L'Agenzia delle entrate ha risposto ad entrambi i tuoi dubbi:
1 - E' possibile inviare il file fino alle ore 24.00 del giorno di scadenza.
2 - E' possibile inviarlo anche 364 giorni prima della scadenza (se nell'ambito dello stesso anno solare), la valuta corrisponderà alla data di esecuzione indicata (nè ovviamente può essere respinto se alla data di trasmissione non vi sia copertura)

----------


## Niccolò

> Ma io non parlo del pagamento su cbi o home banking (di solito da effettuarsi entro le 18 del giorno precedente) ....

  La mia banca è differente. 
(scusa, ma non sono riuscito a trattenermi  :Big Grin:   :Big Grin: )

----------


## ergo3

> L'Agenzia delle entrate ha risposto ad entrambi i tuoi dubbi:
> 1 - E' possibile inviare il file fino alle ore 24.00 del giorno di scadenza.
> 2 - E' possibile inviarlo anche 364 giorni prima della scadenza (se nell'ambito dello stesso anno solare), la valuta corrisponderà alla data di esecuzione indicata (nè ovviamente può essere respinto se alla data di trasmissione non vi sia copertura)

  Mi potresti dare i riferimenti?  :Big Grin:  :Big Grin: . SCHERZO. 
Quindi tutto oK. Invio mediante entratel al mattino di lunedì 16 in modo da avere la certezza della provvista.  
PS: NICCOLO': japr l'ecchj (enrico mi capirà)  :Big Grin:

----------


## iam

> Mi potresti dare i riferimenti? . SCHERZO.
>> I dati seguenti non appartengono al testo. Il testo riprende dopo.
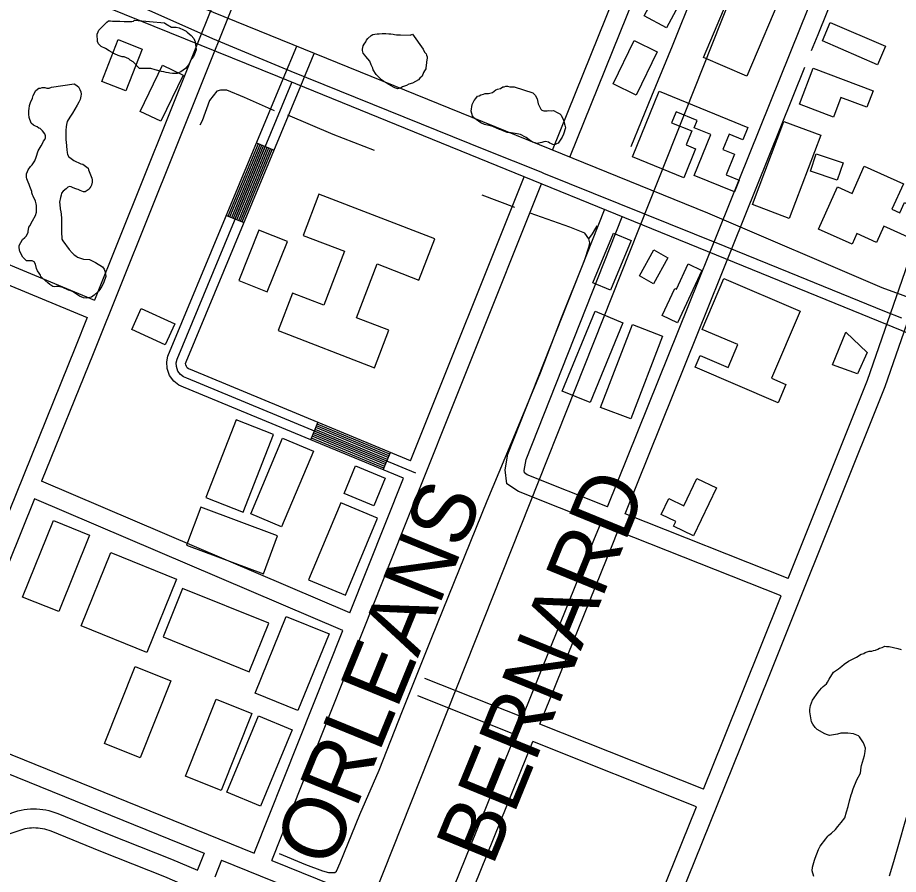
# Model space of a CAD drawing. Extents: x 3677843 to 3715951, y 511991 to 537744.
# Drawn here: x 3700134 to 3701537, y 531620 to 532985 of the extents above; entities that cross this region are included whole.
import ezdxf

# ---------------------------------------------------------------- set-up
doc = ezdxf.new("R2010")
doc.units = 0
for name, color, linetype in [('V-BLDG-OTLN', 7, 'Continuous'), ('V-RAIL-TRAK', 7, 'Continuous'), ('V-ROAD-CNTR', 7, 'Continuous'), ('V-SITE-VEGE', 7, 'Continuous'), ('V-TOPO-BNDY', 7, 'Continuous'), ('V-TOPO-GNAM-IDEN', 7, 'Continuous'), ('V-TOPO-SHOR', 7, 'Continuous')]:
    doc.layers.add(name, color=color, linetype=linetype)

msp = doc.modelspace()

# ---------------------------------------------------------------- linework, layer by layer
at = {"layer": 'V-BLDG-OTLN'}
for points in [[(3701226.8, 532920.8), (3701286.6, 533062.4), (3701356, 533033.1), (3701296.2, 532891.5)], [(3701201.1, 533029.9), (3701168.2, 532968.4), (3701132.4, 532987.5), (3701165.3, 533049.1)], [(3701429, 532976.7), (3701516.9, 532938.8), (3701504.3, 532909.5), (3701416.4, 532947.4)], [(3700268, 532882.9), (3700294.4, 532949.6), (3700332.7, 532934.4), (3700306.2, 532867.7)], [(3701153.2, 532930.2), (3701119.9, 532861.1), (3701083, 532878.9), (3701116.3, 532948)], [(3700397.9, 532892.7), (3700362.3, 532819.3), (3700329.4, 532835.2), (3700365.1, 532908.6)], [(3701401.9, 532904.2), (3701497.1, 532868), (3701487.1, 532841.8), (3701446, 532857.4), (3701434.1, 532825.9), (3701380, 532846.4)], [(3701156.1, 532867.2), (3701297.7, 532809.7), (3701289.6, 532790), (3701267.7, 532798.9), (3701257.7, 532774.3), (3701276.2, 532766.8), (3701262.9, 532734), (3701284, 532725.4), (3701276.5, 532706.9), (3701211.9, 532733.1), (3701238.4, 532798.1), (3701212, 532808.8), (3701216.8, 532820.8), (3701183.2, 532834.5), (3701176.1, 532816.9), (3701208.1, 532803.9), (3701199.1, 532781.8), (3701214.3, 532775.6), (3701195.6, 532729.5), (3701113.7, 532762.8)], [(3701305, 532686.6), (3701355.2, 532819.1), (3701413.7, 532797), (3701363.6, 532664.4)], [(3701440.1, 532725.7), (3701397.4, 532740.1), (3701406.6, 532767.6), (3701449.3, 532753.2)], [(3701410.1, 532647.6), (3701440.3, 532714.9), (3701463.6, 532704.4), (3701483, 532747.7), (3701545.4, 532719.7), (3701527.2, 532679.1), (3701539.9, 532673.4), (3701547.3, 532689.8), (3701577.4, 532676.3), (3701557.9, 532632.8), (3701514.1, 532652.5), (3701502.4, 532626.4), (3701471.4, 532640.4), (3701463.8, 532623.5)], [(3700798.7, 532632), (3700614.1, 532703.2), (3700588.8, 532637.6), (3700654.8, 532612.2), (3700621.7, 532526.5), (3700572.3, 532545.6), (3700549.2, 532485.8), (3700702.7, 532426.6), (3700725.7, 532486.4), (3700673.9, 532506.4), (3700707, 532592), (3700773.4, 532566.4)], [(3700486.6, 532565.9), (3700531.9, 532547.7), (3700563.9, 532627.7), (3700518.6, 532645.8)], [(3701111.8, 532629.4), (3701079, 532550.4), (3701050.7, 532562.2), (3701083.5, 532641.1)], [(3701170.3, 532601.7), (3701147.3, 532560.4), (3701124.8, 532572.9), (3701147.8, 532614.3)], [(3701224.5, 532581.8), (3701185.5, 532498.4), (3701161.2, 532509.8), (3701181.5, 532553.2), (3701183.8, 532552.1), (3701202.5, 532592.1)], [(3701259.6, 532569), (3701381.1, 532517.1), (3701335.3, 532410), (3701358.4, 532400.1), (3701345.9, 532371), (3701213.7, 532427.5), (3701221.7, 532446.3), (3701266.3, 532427.3), (3701281.8, 532463.5), (3701224.9, 532487.8)], [(3700315.9, 532487.5), (3700331, 532521.1), (3700384.5, 532496.9), (3700369.4, 532463.4)], [(3701098.5, 532498.5), (3701046.2, 532371.2), (3701001.8, 532389.4), (3701054.1, 532516.7)], [(3701161.8, 532477.2), (3701110.9, 532345.1), (3701062.9, 532363.6), (3701113.8, 532495.7)], [(3701432.5, 532431.5), (3701453.5, 532483.2), (3701488, 532450.9), (3701472.1, 532417)], [(3700433.8, 532219.9), (3700493.5, 532196.5), (3700541.9, 532320.5), (3700482.2, 532343.8)], [(3700554.7, 532173.2), (3700505.5, 532193.9), (3700556.2, 532314.5), (3700605.3, 532293.9)], [(3700719.8, 532250.9), (3700701.7, 532206.9), (3700654.3, 532226.5), (3700672.4, 532270.4)], [(3701247.8, 532235.3), (3701211.2, 532158.8), (3701179.1, 532174.2), (3701182.7, 532181.6), (3701159.4, 532192.7), (3701171.6, 532218.2), (3701195.5, 532206.8), (3701216.3, 532250.4)], [(3700525.9, 532098.4), (3700548.4, 532159.1), (3700425.8, 532204.6), (3700403.3, 532143.9)], [(3700597.7, 532089), (3700656.4, 532064.5), (3700707.4, 532186.8), (3700648.8, 532211.3)], [(3700199.6, 532038.2), (3700142, 532061.3), (3700191, 532183.3), (3700248.6, 532160.1)], [(3700387.1, 532089.8), (3700339.9, 531973.1), (3700235.3, 532015.4), (3700282.5, 532132.1)], [(3700503, 531942.5), (3700534.1, 532019.7), (3700397, 532075), (3700365.9, 531997.9)], [(3700580.8, 531880.5), (3700512.4, 531908.2), (3700562, 532030.6), (3700630.4, 532002.9)], [(3700378.2, 531928), (3700329.1, 531805.4), (3700272.4, 531828.1), (3700321.6, 531950.7)], [(3700507.5, 531875.7), (3700458.4, 531753), (3700401.5, 531775.8), (3700450.6, 531898.5)], [(3700571.5, 531850), (3700521.1, 531728.3), (3700467.2, 531750.6), (3700517.6, 531872.3)]]:
    msp.add_lwpolyline(points, close=True, dxfattribs=at)
at = {"layer": 'V-RAIL-TRAK'}
for points in [[(3699507.7, 533340.9), (3699623.9, 533294.8), (3699752.5, 533243.7), (3699853.6, 533203.8), (3700027.6, 533133), (3700155.1, 533080.7), (3700260.7, 533034), (3700314.5, 533009.3), (3700444.3, 532951.4), (3700569.6, 532899.2), (3700724.5, 532836.8), (3700879.5, 532773.8), (3700967.7, 532738.6)], [(3700967.7, 532738.6), (3700971.9, 532736.9), (3701212, 532640.1), (3701261.2, 532620.5), (3701363, 532578.8), (3701515.2, 532517), (3701542.2, 532506)]]:
    msp.add_lwpolyline(points, dxfattribs=at)
at = {"layer": 'V-ROAD-CNTR'}
for p, q in [((3700514.9, 532784.9), (3700542.6, 532773.4)), ((3700466.9, 532669.5), (3700494.6, 532658)), ((3700601.1, 532311.9), (3700612.6, 532339.6)), ((3700716.6, 532264.1), (3700728.1, 532291.8))]:
    msp.add_line(p, q, dxfattribs=at)
for points in [[(3701074, 532205.3), (3701381.6, 532968.9), (3701596.6, 533501.2), (3701705.9, 533773.8), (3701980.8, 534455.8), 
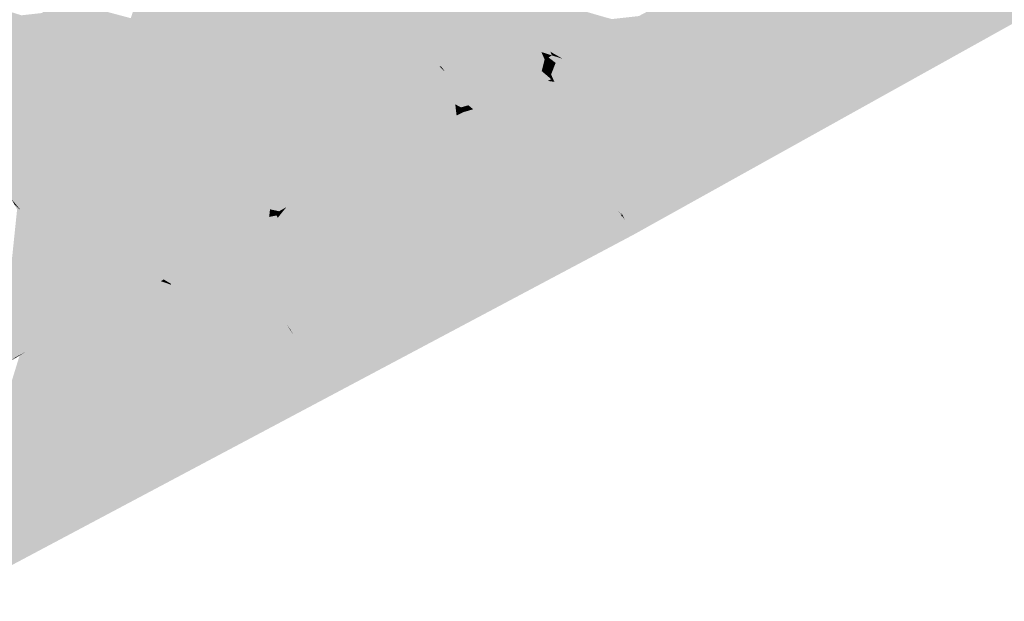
# Model space of a CAD drawing. Header units: metres. Extents: x 164696 to 183842, y 382615 to 387356.
# Tile 1021 of 1056: x 182777.01 to 182780.57, y 386675.42 to 386677.52. Entities that reach past the tile are written whole.
import ezdxf

# ---------------------------------------------------------------- set-up
doc = ezdxf.new("R2010")
doc.units = ezdxf.units.M
doc.layers.add('C3D-SURFACE_TINSURFACE', color=7, linetype='Continuous')

msp = doc.modelspace()

# ---------------------------------------------------------------- linework, layer by layer
at = {"layer": 'C3D-SURFACE_TINSURFACE', "color": 11, "linetype": 'Continuous', "lineweight": -3, "true_color": 0xff8585}
for points in [[(182779.2269, 386676.7462), (182784.8788, 386679.8926), (182784.7057, 386679.8008)], [(182779.2269, 386676.7462), (182784.7057, 386679.8008), (182781.6269, 386678.103)], [(182779.2269, 386676.7462), (182781.6269, 386678.103), (182781.0297, 386677.7963)], [(182777.5174, 386677.3377), (182778.2668, 386677.7814), (182778.0895, 386677.8214)], [(182777.5174, 386677.3377), (182778.0895, 386677.8214), (182777.5993, 386677.5949)], [(182779.2269, 386676.7462), (182781.0297, 386677.7963), (182779.8383, 386677.1954)], [(182778.2884, 386677.7488), (182778.2668, 386677.7814), (182777.5174, 386677.3377)], [(182777.4246, 386677.5003), (182777.4765, 386677.7306), (182777.4079, 386677.5296)], [(182777.4246, 386677.5003), (182777.482, 386677.6819), (182777.4765, 386677.7306)], [(182778.2884, 386677.7488), (182777.5174, 386677.3377), (182777.5329, 386677.3029)], [(182778.31, 386677.7162), (182778.2884, 386677.7488), (182777.5329, 386677.3029)], [(182778.7536, 386677.7335), (182778.4042, 386677.5698), (182778.4253, 386677.5217)], [(182778.7743, 386677.6955), (182778.7536, 386677.7335), (182778.4253, 386677.5217)], [(182778.31, 386677.7162), (182777.5329, 386677.3029), (182777.5547, 386677.2571)], [(182778.31, 386677.7162), (182777.5547, 386677.2571), (182777.5765, 386677.2112)], [(182778.31, 386677.7162), (182777.5765, 386677.2112), (182778.4042, 386677.5698)], [(182778.7743, 386677.6955), (182778.4253, 386677.5217), (182778.7852, 386677.662)], [(182779.2269, 386676.7462), (182779.5711, 386677.7139), (182779.544, 386677.6984)], [(182779.2269, 386676.7462), (182779.7907, 386677.6966), (182779.5711, 386677.7139)], [(182779.2269, 386676.7462), (182779.544, 386677.6984), (182779.517, 386677.6829)], [(182779.2269, 386676.7462), (182779.8383, 386677.1954), (182779.7907, 386677.6966)], [(182777.4246, 386677.5003), (182777.4901, 386677.6677), (182777.482, 386677.6819)], [(182777.4246, 386677.5003), (182777.4431, 386677.4678), (182777.4901, 386677.6677)], [(182777.4431, 386677.4678), (182777.5166, 386677.6624), (182777.5085, 386677.6766)], [(182777.4431, 386677.4678), (182777.5085, 386677.6766), (182777.4901, 386677.6677)], [(182777.4431, 386677.4678), (182777.4617, 386677.4353), (182777.5166, 386677.6624)], [(182777.4617, 386677.4353), (182777.5269, 386677.6451), (182777.5166, 386677.6624)], [(182777.4617, 386677.4353), (182777.5525, 386677.6367), (182777.5433, 386677.653)], [(182777.4617, 386677.4353), (182777.5433, 386677.653), (182777.5269, 386677.6451)], [(182778.4253, 386677.5217), (182778.4395, 386677.49), (182778.7852, 386677.662)], [(182778.801, 386677.6269), (182778.7852, 386677.662), (182778.4395, 386677.49)], [(182779.2269, 386676.7462), (182779.517, 386677.6829), (182779.49, 386677.6674)], [(182779.2269, 386676.7462), (182779.49, 386677.6674), (182779.4629, 386677.6519)], [(182779.2269, 386676.7462), (182779.4629, 386677.6519), (182779.4359, 386677.6364)], [(182777.4617, 386677.4353), (182777.4803, 386677.4028), (182777.5525, 386677.6367)], [(182777.4803, 386677.4028), (182777.56, 386677.6204), (182777.5525, 386677.6367)], [(182777.4803, 386677.4028), (182777.5703, 386677.6026), (182777.56, 386677.6204)], [(182778.801, 386677.6269), (182778.4395, 386677.49), (182778.4537, 386677.4584)], [(182778.801, 386677.6269), (182778.4537, 386677.4584), (182778.4835, 386677.4136)], [(182778.8168, 386677.5917), (182778.801, 386677.6269), (182778.4835, 386677.4136)], [(182778.801, 386677.6269), (182778.8168, 386677.5917), (182779.0391, 386677.5121)], [(182778.801, 386677.6269), (182779.0391, 386677.5121), (182779.0344, 386677.5226)], [(182778.801, 386677.6269), (182779.0344, 386677.5226), (182779.1415, 386677.5225)], [(182778.801, 386677.6269), (182779.1415, 386677.5225), (182779.1226, 386677.5333)], [(182779.4089, 386677.6209), (182779.3314, 386677.4006), (182779.1826, 386676.825)], [(182779.4089, 386677.6209), (182779.1826, 386676.825), (182779.1964, 386676.7987)], [(182779.4359, 386677.6364), (182779.4089, 386677.6209), (182779.1964, 386676.7987)], [(182779.2269, 386676.7462), (182779.4359, 386677.6364), (182779.1964, 386676.7987)], [(182779.4089, 386677.6209), (182779.3954, 386677.6132), (182779.3314, 386677.4006)], [(182777.4431, 386677.4678), (182777.0849, 386677.5822), (182777.0667, 386677.5716)], [(182777.4246, 386677.5003), (182777.1212, 386677.6033), (182777.0849, 386677.5822)], [(182777.4431, 386677.4678), (182777.4246, 386677.5003), (182777.0849, 386677.5822)], [(182777.4246, 386677.5003), (182777.2636, 386677.5681), (182777.1212, 386677.6033)], [(182777.4803, 386677.4028), (182777.4988, 386677.3702), (182777.5703, 386677.6026)], [(182777.4988, 386677.3702), (182777.5805, 386677.5847), (182777.5703, 386677.6026)], [(182777.4988, 386677.3702), (182777.5174, 386677.3377), (182777.5805, 386677.5847)], [(182777.5174, 386677.3377), (182777.5993, 386677.5949), (182777.5805, 386677.5847)], [(182778.8168, 386677.5917), (182778.4835, 386677.4136), (182778.8325, 386677.5566)], [(182778.8168, 386677.5917), (182778.8325, 386677.5566), (182778.9835, 386677.5172)], [(182778.8168, 386677.5917), (182778.9835, 386677.5172), (182779.0391, 386677.5121)], [(182777.4431, 386677.4678), (182777.0667, 386677.5716), (182777.088, 386677.5518)], [(182777.4617, 386677.4353), (182777.4431, 386677.4678), (182777.088, 386677.5518)], [(182777.4617, 386677.4353), (182777.088, 386677.5518), (182777.0899, 386677.5485)], [(182777.4617, 386677.4353), (182777.0899, 386677.5485), (182777.1728, 386677.5026)], [(182777.4246, 386677.5003), (182777.4079, 386677.5296), (182777.2636, 386677.5681)], [(182778.4042, 386677.5698), (182777.5765, 386677.2112), (182777.5983, 386677.1653)], [(182778.4042, 386677.5698), (182777.5983, 386677.1653), (182778.0111, 386677.0266)], [(182778.4042, 386677.5698), (182778.0111, 386677.0266), (182778.242, 386677.1178)], [(182778.4042, 386677.5698), (182778.242, 386677.1178), (182778.2205, 386676.9855)], [(182778.4042, 386677.5698), (182778.2205, 386676.9855), (182778.2531, 386677.0039)], [(182778.4253, 386677.5217), (182778.4042, 386677.5698), (182778.2531, 386677.0039)], [(182778.8325, 386677.5566), (182778.4835, 386677.4136), (182778.5306, 386677.3543)], [(182778.8325, 386677.5566), (182778.5306, 386677.3543), (182778.6179, 386677.3901)], [(182778.8483, 386677.5214), (182778.8325, 386677.5566), (182778.6179, 386677.3901)], [(182778.8325, 386677.5566), (182778.8483, 386677.5214), (182778.9722, 386677.4892)], [(182778.8325, 386677.5566), (182778.9722, 386677.4892), (182778.9644, 386677.5067)], [(182778.8325, 386677.5566), (182778.9644, 386677.5067), (182778.9835, 386677.5172)], [(182778.4253, 386677.5217), (182778.2531, 386677.0039), (182778.4395, 386677.49)], [(182778.8483, 386677.5214), (182778.6179, 386677.3901), (182778.6218, 386677.3813)], [(182778.8483, 386677.5214), (182778.6218, 386677.3813), (182778.7023, 386677.4113)], [(182778.8483, 386677.5214), (182778.7023, 386677.4113), (182778.8582, 386677.488)], [(182778.8483, 386677.5214), (182778.8582, 386677.488), (182778.9051, 386677.4728)], [(182778.8483, 386677.5214), (182778.9051, 386677.4728), (182778.947, 386677.4743)], [(182778.8483, 386677.5214), (182778.947, 386677.4743), (182778.9318, 386677.4917)], [(182778.8483, 386677.5214), (182778.9318, 386677.4917), (182778.9722, 386677.4892)], [(182777.4803, 386677.4028), (182777.1794, 386677.491), (182776.95, 386677.3625)], [(182777.4803, 386677.4028), (182777.4617, 386677.4353), (182777.1728, 386677.5026)], [(182777.4803, 386677.4028), (182777.1728, 386677.5026), (182777.1794, 386677.491)], [(182778.3183, 386677.0406), (182778.4395, 386677.49), (182778.2531, 386677.0039)], [(182778.3183, 386677.0406), (182778.4537, 386677.4584), (182778.4395, 386677.49)], [(182778.7797, 386677.2753), (182778.8582, 386677.488), (182778.7023, 386677.4113)], [(182778.7797, 386677.2753), (182778.8699, 386677.461), (182778.8582, 386677.488)], [(182778.8582, 386677.488), (182778.8699, 386677.461), (182778.9452, 386677.4367)], [(182778.8582, 386677.488), (182778.9452, 386677.4367), (182778.9394, 386677.4502)], [(182778.8582, 386677.488), (182778.9394, 386677.4502), (182778.9051, 386677.4728)], [(182778.3183, 386677.0406), (182778.3834, 386677.0773), (182778.4537, 386677.4584)], [(182778.3834, 386677.0773), (182778.4835, 386677.4136), (182778.4537, 386677.4584)], [(182778.7797, 386677.2753), (182778.8461, 386677.3131), (182778.8699, 386677.461)], [(182778.8461, 386677.3131), (182778.8816, 386677.434), (182778.8699, 386677.461)], [(182778.8699, 386677.461), (182778.8816, 386677.434), (182778.9385, 386677.4158)], [(182778.8699, 386677.461), (182778.9385, 386677.4158), (182778.9326, 386677.4293)], [(182778.8699, 386677.461), (182778.9326, 386677.4293), (182778.9452, 386677.4367)], [(182777.4803, 386677.4028), (182776.8628, 386677.114), (182776.8795, 386677.0759)], [(182777.4803, 386677.4028), (182776.95, 386677.3625), (182776.8628, 386677.114)], [(182777.4988, 386677.3702), (182777.4803, 386677.4028), (182776.8795, 386677.0759)], [(182778.3834, 386677.0773), (182778.5016, 386677.3771), (182778.4835, 386677.4136)], [(182778.4835, 386677.4136), (182778.5016, 386677.3771), (182778.524, 386677.3559)], [(182778.4835, 386677.4136), (182778.524, 386677.3559), (182778.5306, 386677.3543)], [(182778.7797, 386677.2753), (182778.7023, 386677.4113), (182778.6047, 386677.3198)], [(182778.8461, 386677.3131), (182778.8934, 386677.407), (182778.8816, 386677.434)], [(182778.8461, 386677.3131), (182778.8946, 386677.3381), (182778.8934, 386677.407)], [(182778.8816, 386677.434), (182778.8934, 386677.407), (182778.9318, 386677.3949)], [(182778.8816, 386677.434), (182778.9318, 386677.3949), (182778.9259, 386677.4083)], [(182778.8816, 386677.434), (182778.9259, 386677.4083), (182778.9385, 386677.4158)], [(182778.8946, 386677.3381), (182778.9051, 386677.3801), (182778.8934, 386677.407)], [(182778.8934, 386677.407), (182778.9051, 386677.3801), (182778.925, 386677.3739)], [(182778.8934, 386677.407), (182778.925, 386677.3739), (182778.9192, 386677.3874)], [(182778.8934, 386677.407), (182778.9192, 386677.3874), (182778.9318, 386677.3949)], [(182777.4988, 386677.3702), (182776.8795, 386677.0759), (182776.8924, 386677.0466)], [(182777.5174, 386677.3377), (182777.4988, 386677.3702), (182776.8924, 386677.0466)], [(182778.3834, 386677.0773), (182778.4117, 386677.0899), (182778.5016, 386677.3771)], [(182778.4117, 386677.0899), (182778.4367, 386677.1024), (182778.5016, 386677.3771)], [(182778.4367, 386677.1024), (182778.4617, 386677.1148), (182778.5016, 386677.3771)], [(182778.4617, 386677.1148), (182778.4867, 386677.1273), (182778.5016, 386677.3771)], [(182778.4867, 386677.1273), (182778.524, 386677.3559), (182778.5016, 386677.3771)], [(182778.8946, 386677.3381), (182778.9168, 386677.3531), (182778.9051, 386677.3801)], [(182778.9198, 386677.353), (182778.9051, 386677.3801), (182778.9168, 386677.3531)], [(182778.9198, 386677.353), (182778.925, 386677.3739), (182778.9051, 386677.3801)], [(182778.9198, 386677.353), (182778.9324, 386677.3604), (182778.925, 386677.3739)], [(182777.5329, 386677.3029), (182777.5174, 386677.3377), (182776.8924, 386677.0466)], [(182778.4867, 386677.1273), (182778.5314, 386677.2828), (182778.524, 386677.3559)], [(182778.8461, 386677.3131), (182778.9289, 386677.3089), (182778.8946, 386677.3381)], [(182778.8946, 386677.3381), (182778.9227, 386677.3396), (182778.9168, 386677.3531)], [(182778.8946, 386677.3381), (182778.9201, 386677.3291), (182778.9227, 386677.3396)], [(182778.8946, 386677.3381), (182778.9289, 386677.3089), (182778.9201, 386677.3291)], [(182778.9198, 386677.353), (182778.9168, 386677.3531), (182778.9227, 386677.3396)], [(182778.9198, 386677.353), (182778.9242, 386677.3395), (182778.9324, 386677.3604)], [(182778.9198, 386677.353), (182778.9227, 386677.3396), (182778.9242, 386677.3395)], [(182777.5329, 386677.3029), (182776.8924, 386677.0466), (182776.9053, 386677.0174)], [(182777.5329, 386677.3029), (182776.9053, 386677.0174), (182776.9181, 386676.9881)], [(182777.5547, 386677.2571), (182777.5329, 386677.3029), (182776.9181, 386676.9881)], [(182778.7797, 386677.2753), (182778.6047, 386677.3198), (182778.6298, 386677.2861)], [(182778.7797, 386677.2753), (182778.9537, 386677.2414), (182778.8461, 386677.3131)], [(182778.8461, 386677.3131), (182778.9168, 386677.3026), (182778.9289, 386677.3089)], [(182778.8461, 386677.3131), (182778.9537, 386677.2414), (182778.9168, 386677.3026)], [(182778.4867, 386677.1273), (182778.5117, 386677.1398), (182778.5377, 386677.2859)], [(182778.4867, 386677.1273), (182778.5377, 386677.2859), (182778.5314, 386677.2828)], [(182778.5117, 386677.1398), (182778.5443, 386677.1991), (182778.5377, 386677.2859)], [(182778.7132, 386677.2376), (182778.6298, 386677.2861), (182778.6791, 386677.2428)], [(182778.7797, 386677.2753), (182778.6298, 386677.2861), (182778.7132, 386677.2376)], [(182778.7797, 386677.2753), (182778.7132, 386677.2376), (182778.8514, 386677.2275)], [(182778.7797, 386677.2753), (182778.8514, 386677.2275), (182778.9371, 386677.2319)], [(182778.7797, 386677.2753), (182778.9371, 386677.2319), (182778.9537, 386677.2414)], [(182777.5547, 386677.2571), (182776.9181, 386676.9881), (182776.931, 386676.9588)], [(182777.5547, 386677.2571), (182776.931, 386676.9588), (182776.9576, 386676.9102)], [(182777.5765, 386677.2112), (182777.5547, 386677.2571), (182776.9576, 386676.9102)], [(182778.6467, 386677.1999), (182778.6791, 386677.2428), (182778.6293, 386677.2145)], [(182778.6467, 386677.1999), (182778.7132, 386677.2376), (182778.6791, 386677.2428)], [(182778.6467, 386677.1999), (182778.884, 386677.1701), (182778.7132, 386677.2376)], [(182778.7132, 386677.2376), (182778.884, 386677.1701), (182778.8514, 386677.2275)], [(182777.5765, 386677.2112), (182776.9576, 386676.9102), (182776.9772, 386676.8737)], [(182777.5765, 386677.2112), (182776.9772, 386676.8737), (182777.0106, 386676.8337)], [(182777.5765, 386677.2112), (182777.0106, 386676.8337), (182777.0973, 386676.8355)], [(182777.5765, 386677.2112), (182777.0973, 386676.8355), (182777.1133, 386676.8402)], [(182777.5765, 386677.2112), (182777.1133, 386676.8402), (182777.5983, 386677.1653)], [(182778.5117, 386677.1398), (182778.5367, 386677.1522), (182778.5568, 386677.2053)], [(182778.5117, 386677.1398), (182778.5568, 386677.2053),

  ... e perchè no!  :Smile:

----------


## danilo sciuto

> ... e perchè no!

  Che delusione .... mi aspettavo un bella circolare-dogma della S..c !!  :Big Grin:

----------


## ergo3

> ... e perchè no!

  grande!
mò posso dormire tra due guanciali in lattice sul mio nuovo letto che ho fatto fabbricare dai miei amici operai della fabbrica per cui lavoro. :Smile:

----------


## La matta

Par di capire che Entratel conviene...
Oltretutto paga il doppio per ogni F24 di quello che elemosinano a noi, e magari lo versa anche prima? 
Mi sa che il mio capo ci farà un pensierino prima o poi: la fedeltà, nei tempi moderni, non paga  :Stick Out Tongue:

----------


## LB1967

> L'Agenzia delle entrate ha risposto ad entrambi i tuoi dubbi:
> 1 - E' possibile inviare il file fino alle ore 24.00 del giorno di scadenza.
> 2 - E' possibile inviarlo anche 364 giorni prima della scadenza (se nell'ambito dello stesso anno solare), la valuta corrisponderà alla data di esecuzione indicata (nè ovviamente può essere respinto se alla data di trasmissione non vi sia copertura)

   

> Mi potresti dare i riferimenti? . SCHERZO. 
> Quindi tutto oK. Invio mediante entratel al mattino di lunedì 16 in modo da avere la certezza della provvista.  
> PS: NICCOLO': japr l'ecchj (enrico mi capirà)

  Rispondo (un po' fuori tempo) alla luce delle mie esperienze con Entratel (no intermediario) : E' LA BANCA che eventualmente RESPINGE il pagamento, NON è una cosa AUTOMATICA...
Pertanto anche se con l'addebito delle deleghe il cliente "sconfina" la banca può accettarle e pagarle lo stesso (ovvio che è meglio mettersi d'accordo PRIMA)
Per curiosità una volta ho inviato un F24 (irrisorio) alle 23.57 del giorno di scadenza: accettato e valido come se lo avessi trasmesso alle 8 di mattina

----------


## ergo3

> Rispondo (un po' fuori tempo) alla luce delle mie esperienze con Entratel (no intermediario) : E' LA BANCA che eventualmente RESPINGE il pagamento, NON è una cosa AUTOMATICA...
> Pertanto anche se con l'addebito delle deleghe il cliente "sconfina" la banca può accettarle e pagarle lo stesso (ovvio che è meglio mettersi d'accordo PRIMA)
> Per curiosità una volta ho inviato un F24 (irrisorio) alle 23.57 del giorno di scadenza: accettato e valido come se lo avessi trasmesso alle 8 di mattina

  Grazie per la tua testimonianza di pagamento in extremis.
Le banche, a volte, se ne fregano altamente e respingono. A meno che non sia un cliente importante che, magari, non ne avrebbe bisogno.

----------


## L'italiano

> Grazie per la tua testimonianza di pagamento in extremis.
> Le banche, a volte, se ne fregano altamente e respingono. A meno che non sia un cliente importante che, magari, non ne avrebbe bisogno.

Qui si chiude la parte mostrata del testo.